Sunday, January 3, 2016

James Wan: A Face of Horror

Some of the most iconic horror movies today stem from one man and one man alone. And no, this one man does not happen to be Stephen King, surprisingly. No, this man is James Wan, the writer, and director of Saw, The Conjuring and Insidious: Chapter Two, to name a few projects he’s touched. 

A Malaysian man born in 1977, he went to Australia to begin his film career, where he went to technical school and learned the trade through on-site works. He’d been involved in over ten multi-million dollar films, from all of the Saw movies as either writer, director or producer, and he directed the Conjuring, one of the better haunting stories as of late. A few years ago he released a thriller called Dead Silence, where the ghost of a ventriloquist seeks revenge on the people that killed her through supernatural means. In short, he’s done quite a bit in the last ten years that make him praiseworthy.
What makes him as versatile as a horror artist is that he’s come at the genre from all angles: writer, producer, and director. He’s had to write, and rewrite, scripts for movies on the fly while coming up with ideas for camera angles and shots that would elicit the most suspense possible from the movie goer. His work in Saw, while now a reviled spatter fest of blood and guts that has turned horror into just that, was absolutely brilliant storytelling when it first came out. The way the plot flows from movie to movie can sometimes force someone to actually try and map out what is happening at the same time as in the last movie, or the next. He takes well over fifty actors and puts them on a stage in intervals, revealing to the audience towards the end of each movie where in the franchise this one sits (prequel, concurrent or sequel). Surprise characters are revealed that one assumed were gone, and minor characters blow up into major ones that, had we been more astute, we may have guessed it earlier in the movie.
As for his more supernatural movies, such as Insidious Chapter Two, the Conjuring, and Dead Silence, he pulls out any and all barriers for these films to allow suspense to climax not once per movie, but several times in a short, rapid succession.
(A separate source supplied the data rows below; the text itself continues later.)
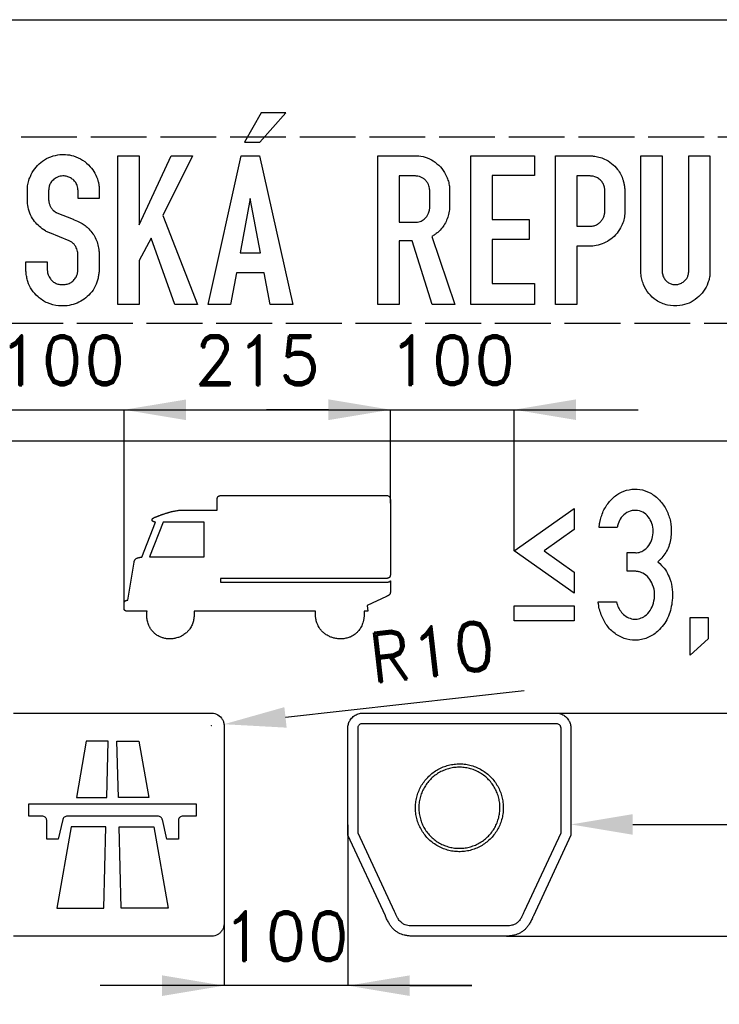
# Model space of a CAD drawing. Header units: millimetres. Extents: x -267 to 7620, y -508 to 2095.
# Tile 5 of 15: x 535 to 1100, y 1140 to 1935. Entities that reach past the tile are written whole.
import ezdxf

# ---------------------------------------------------------------- set-up
doc = ezdxf.new("R2010")
doc.units = ezdxf.units.MM
doc.header["$LTSCALE"] = 5
doc.linetypes.add('ACAD_ISO02W100', pattern=[15, 12, -3])
doc.layers.add('Kóty', color=2, linetype='Continuous')
doc.layers.add('Značka', color=7, linetype='Continuous')
doc.styles.get("Standard").update_dxf_attribs({"font": 'romand.shx', "height": 40})
doc.dimstyles.get("Standard").update_dxf_attribs({"dimtxt": 40, "dimasz": 50, "dimexe": 0.18, "dimexo": 0.0625, "dimgap": 20, "dimtad": 1, "dimdec": 0, "dimzin": 0, "dimdsep": 46, "dimtxsty": 'Standard', "dimcen": 0.09, "dimadec": 0, "dimazin": 0, "dimtfac": 1, "dimtdec": 0, "dimtofl": 0, "dimtmove": 0, "dimatfit": 3, "dimfxl": 1, "dimtolj": 1, "dimtzin": 0, "dimarcsym": 0})

# ---------------------------------------------------------------- blocks, each defined once
blk = doc.blocks.new('*D1')
at = {"layer": 'Defpoints', "color": 0, "transparency": 16777216}
for p in [(619.28, 1620), (519.28, 1472.2), (619.28, 1463.03)]:
    blk.add_point(p, dxfattribs=at)
at = {"layer": 'Kóty', "color": 0, "lineweight": -2, "transparency": 16777216}
for p, q in [((469.28, 1620), (419.28, 1620)), ((519.28, 1472.26), (519.28, 1620.18)), ((619.28, 1463.09), (619.28, 1620.18)), ((669.28, 1620), (719.28, 1620))]:
    blk.add_line(p, q, dxfattribs=at)
at = {"layer": 'Kóty', "color": 0, "transparency": 16777216}
for points in [[(469.28, 1628.33), (469.28, 1611.67), (519.28, 1620)], [(669.28, 1628.33), (669.28, 1611.67), (619.28, 1620)]]:
    blk.add_solid(points, dxfattribs=at)
at = {"layer": 'Kóty', "color": 0, "transparency": 16777216, "insert": (569.28, 1660), "char_height": 40, "attachment_point": 5}
blk.add_mtext('\\A1;100', dxfattribs=at)
blk = doc.blocks.new('*D2')
at = {"layer": 'Defpoints', "color": 0, "transparency": 16777216}
for p in [(834.28, 1620), (834.28, 1544.54), (619.28, 1462.52)]:
    blk.add_point(p, dxfattribs=at)
at = {"layer": 'Kóty', "color": 0, "lineweight": -2, "transparency": 16777216}
for p, q in [((619.28, 1462.58), (619.28, 1620.18)), ((669.28, 1620), (784.28, 1620)), ((834.28, 1544.6), (834.28, 1620.18))]:
    blk.add_line(p, q, dxfattribs=at)
at = {"layer": 'Kóty', "color": 0, "transparency": 16777216}
for points in [[(669.28, 1628.33), (669.28, 1611.67), (619.28, 1620)], [(784.28, 1628.33), (784.28, 1611.67), (834.28, 1620)]]:
    blk.add_solid(points, dxfattribs=at)
at = {"layer": 'Kóty', "color": 0, "transparency": 16777216, "insert": (726.78, 1660), "char_height": 40, "attachment_point": 5}
blk.add_mtext('\\A1;215', dxfattribs=at)
blk = doc.blocks.new('*D4')
at = {"layer": 'Defpoints', "color": 0, "transparency": 16777216}
for p in [(968.17, 1375), (927.95, 1195), (1600, 1195)]:
    blk.add_point(p, dxfattribs=at)
at = {"layer": 'Kóty', "color": 0, "lineweight": -2, "transparency": 16777216}
for p, q in [((968.23, 1375), (1600.18, 1375)), ((1600, 1325), (1600, 1245)), ((928.02, 1195), (1600.18, 1195))]:
    blk.add_line(p, q, dxfattribs=at)
at = {"layer": 'Kóty', "color": 0, "transparency": 16777216}
for points in [[(1591.67, 1325), (1608.33, 1325), (1600, 1375)], [(1591.67, 1245), (1608.33, 1245), (1600, 1195)]]:
    blk.add_solid(points, dxfattribs=at)
at = {"layer": 'Kóty', "color": 0, "transparency": 16777216, "insert": (1560, 1285), "char_height": 40, "attachment_point": 5, "rotation": 90}
blk.add_mtext('\\A1;180', dxfattribs=at)
blk = doc.blocks.new('*D16')
at = {"layer": 'Defpoints', "color": 0, "transparency": 16777216}
for p in [(690, 1365), (699.94, 1366.1)]:
    blk.add_point(p, dxfattribs=at)
at = {"layer": 'Kóty', "color": 0, "lineweight": -2, "transparency": 16777216}
for p, q in [((942.22, 1392.96), (749.63, 1371.61)), ((689.91, 1365), (690.09, 1365)), ((690, 1364.91), (690, 1365.09))]:
    blk.add_line(p, q, dxfattribs=at)
at = {"layer": 'Kóty', "color": 0, "transparency": 16777216}
blk.add_solid([(748.72, 1379.89), (750.55, 1363.33), (699.94, 1366.1)], dxfattribs=at)
at = {"layer": 'Kóty', "color": 0, "transparency": 16777216, "insert": (867.76, 1424.95), "char_height": 40, "attachment_point": 5, "rotation": 6.32568}
blk.add_mtext('\\A1;R10', dxfattribs=at)

msp = doc.modelspace()

# ---------------------------------------------------------------- linework, layer by layer
at = {"layer": 'Kóty'}
for p, q in [((469.28, 1620), (1034.28, 1620.09)), ((784.28, 1620.09), (734.28, 1620.09)), ((834.28, 1544.66), (834.28, 1620.27)), ((934.28, 1506.2), (934.28, 1620.27)), ((700, 1284.94), (700, 1154.82)), ((800, 1284.94), (800, 1154.82)), ((980, 1285.06), (980, 1285.18)), ((1030, 1285), (1375, 1285)), ((900, 1155), (600, 1155)), ((850, 1155), (900, 1155))]:
    msp.add_line(p, q, dxfattribs=at)
for points in [[(784.28, 1628.42), (784.28, 1611.76), (834.28, 1620.09)], [(984.28, 1628.42), (984.28, 1611.76), (934.28, 1620.09)], [(1030, 1293.51), (1030, 1276.85), (980, 1285.18)], [(650, 1163.33), (650, 1146.67), (700, 1155)], [(850, 1163.33), (850, 1146.67), (800, 1155)]]:
    msp.add_solid(points, dxfattribs=at)
at = {"layer": 'Značka', "color": 5}
for points in [[(0, 0), (0, 1935), (1500, 1935), (1500, 0), (0, 0)], [(716.45, 1836.19), (728.78, 1836.19), (750, 1859.86), (730.03, 1859.86), (716.45, 1836.19)], [(614.26, 1705.01), (614.26, 1825), (631.4, 1825), (631.4, 1769.39), (657.25, 1825), (674.51, 1825), (650.7, 1776.8), (678.59, 1705.01), (660.3, 1705.01), (641.05, 1758.49), (631.4, 1740.46), (631.4, 1705.01), (614.26, 1705.01)], [(687.09, 1705), (713.7, 1825.01), (728.72, 1825.01), (755.56, 1705), (737.31, 1705), (732.34, 1730.69), (710, 1730.69), (705.16, 1705), (687.09, 1705)], [(899.37, 1705), (899.37, 1825), (950.72, 1825), (950.72, 1809.1), (916.41, 1809.1), (916.41, 1773.66), (946.47, 1773.66), (946.47, 1757.59), (916.41, 1757.59), (916.41, 1722.11), (950.72, 1722.11), (950.72, 1705), (899.37, 1705)], [(713.05, 1746.8), (729.45, 1746.8), (721.2, 1790.63), (713.05, 1746.8)], [(934.28, 1506.14), (982.77, 1540.43), (982.77, 1523.29), (958.53, 1506.14), (982.77, 1489), (982.77, 1471.86), (934.28, 1506.14)], [(639.82, 1501.14), (683.97, 1501.14), (683.97, 1529.23), (650.81, 1529.23), (639.82, 1501.14)], [(934.28, 1461.57), (982.77, 1461.57), (982.77, 1449.57), (934.28, 1449.57), (934.28, 1461.57)], [(1076.25, 1422), (1076.25, 1452.2), (1090.87, 1452.2), (1090.87, 1435), (1076.25, 1422)]]:
    msp.add_lwpolyline(points, dxfattribs=at)
at = {"layer": 'Značka', "color": 7, "linetype": 'ACAD_ISO02W100', "ltscale": 0.75}
msp.add_lwpolyline([(75, 1690.01), (1425, 1690.01), (1425, 1840.01), (75, 1840.01)], close=True, dxfattribs=at)
at = {"layer": 'Značka', "color": 5}
for points in [[(557.3, 1739.41), (557.3, 1732.95), (557.32, 1732.64), (557.34, 1732.34, 0.067864), (558.08, 1728.86, 0.080256), (559.8, 1725.74, 0.070867), (561.83, 1723.59, 0.068457), (564.36, 1722.09, 0.072187), (567.55, 1721.18, 0.059822), (570.91, 1721.13, 0.062284), (574.25, 1721.79, 0.080541), (577.22, 1723.35, 0.082207), (579.64, 1725.76, 0.072873), (581.22, 1728.79), (581.57, 1729.84, 0.024305), (581.81, 1730.93), (581.89, 1731.38), (581.95, 1731.84), (581.95, 1745.88), (581.95, 1746.39, 0.012311), (581.92, 1746.9, 0.057487), (581.54, 1748.93, 0.041312), (580.75, 1750.88, 0.041789), (579.66, 1752.76, 0.055545), (578.25, 1754.38), (577.17, 1755.26), (575.99, 1755.99), (575.5, 1756.24), (575, 1756.49), (559.34, 1762.8), (558.96, 1762.94), (558.59, 1763.09, -0.037052), (555.79, 1764.46), (553.19, 1766.2, -0.047627), (548.9, 1769.98, -0.053387), (545.45, 1774.54, -0.061656), (542.67, 1780.39, -0.062525), (541.41, 1786.7), (541.37, 1787.22), (541.32, 1787.74), (541.32, 1797.99, -0.002747), (541.33, 1798.83, -0.007972), (541.36, 1799.68, -0.052105), (542.08, 1804.17, -0.041823), (543.64, 1808.49, -0.059292), (547.16, 1814.61, -0.064897), (552.06, 1819.66, -0.07047), (558.47, 1823.68, -0.069023), (565.74, 1825.79, -0.059156), (572.12, 1826.14, -0.059512), (578.4, 1824.99, -0.073674), (585.8, 1821.61, -0.072359), (591.95, 1816.25, -0.058719), (595.75, 1810.95, -0.059708), (598.19, 1804.95, -0.02532), (598.81, 1802.35, -0.025622), (599.17, 1799.71), (599.22, 1799.13), (599.26, 1798.55), (599.26, 1790.75), (582.11, 1790.75), (582.11, 1797.24), (582.08, 1797.57), (582.04, 1797.91, 0.026954), (581.69, 1799.99, 0.049617), (581.04, 1801.99, 0.084177), (579.31, 1804.71, 0.070653), (576.81, 1806.82, 0.066989), (574, 1808.23, 0.070667), (570.92, 1808.81, 0.096881), (566.54, 1808.27, 0.097758), (562.64, 1806.11, 0.080395), (560.26, 1803.58, 0.088287), (558.87, 1800.46, 0.027249), (558.62, 1799.28, 0.013968), (558.46, 1798.09), (558.42, 1797.72), (558.39, 1797.36), (558.39, 1789.64), (558.41, 1789.33), (558.44, 1789.03, 0.043551), (558.86, 1786.7, 0.048719), (559.71, 1784.49, 0.048519), (560.84, 1782.57, 0.049316), (562.31, 1780.91), (563.26, 1780.1), (564.3, 1779.43), (564.68, 1779.22), (565.06, 1779.03), (578.06, 1773.81), (578.47, 1773.62), (578.89, 1773.43), (581.69, 1772.22), (584.45, 1770.93, -0.046384), (587.86, 1768.74, -0.037069), (590.89, 1766, -0.042533), (594.07, 1762.18, -0.047688), (596.51, 1757.88, -0.047331), (598.21, 1753.12, -0.041078), (599.05, 1748.14), (599.09, 1747.74), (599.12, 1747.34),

In The Conjuring, a family that has recently moved into a house is experiencing a haunting that they cannot explain. When the experts show up to try and get rid of the spirit, it latches onto them as well and goes after their daughter. When that fails, the ghost immediately returns to haunting the family, possessing the mother and having her try and kill her two youngest children. All throughout, there are multiple ghosts, all but one merely there to scare, and the feel of the movie is one long scene that just makes the movie roll together so well.
In Insidious Chapter Two, the movie takes place concurrently as the first one, first acting as a prequel, then moving as a sequel, then traveling time in a ghostly dimension to cause unanswered effects in the first movie. This kind of storytelling generally takes years in advance to create, which is doubly impressive as James Wan didn’t write the first Insidious movie. Perhaps he was able to get the original screenwriters together and get their notes, but he created a unique perspective on movies where an afterlife is an option that has never been seen before, a kind of mix of purgatory and a mental ward that leaves one feeling incredibly lost, yet claustrophobic.
With Dead Silence, his first major picture after he wrote Saw, he went all out on the disturbing scale and took the phobia of glassy-eyed dolls to a new level. The movie revolves around a man whose wife was killed and face torn apart by some unseen force. By inserting a Freddy Krueger-esque rhyme to explain the ghost of a dead ventriloquist, we begin to see a town that has been abandoned due to wanton murders that are unexplainable while we find out how much more depraved this puppeteer truly was, experimenting with human bodies to create the perfect puppet.
One theme that James Wan enjoys sticking to is inserting dummies or dolls into his movies. The doll from Saw can also be seen in Dead Silence while the doll from The Conjuring is one of the dolls from Dead Silence. Wan has also been known to side with the idea that horror as a genre is an underrepresented craft that is harder to make and even harder to sell, as people won’t buy it if they see the so-called seams. “We think craft is important, and the irony has always been that horror may be disregarded by critics, but often they are the best-made movies you're going to find in terms of craft. You can't scare people if they see the seams.”
A final bit of trivia for you movie goers out there just screaming for more. Saw was originally meant for the Sundance film festival and was rejected as being too intense. They actually asked Wan to edit it down to where it would be a watered-down version of its former self.
But as far as the movies go, I’ve slowly begun to become invigorated by them once again. Perhaps Hollywood has heard our pleas for something decent in the way of horror and are throwing us a bone. If that’s the case, I call dibs on the marrow.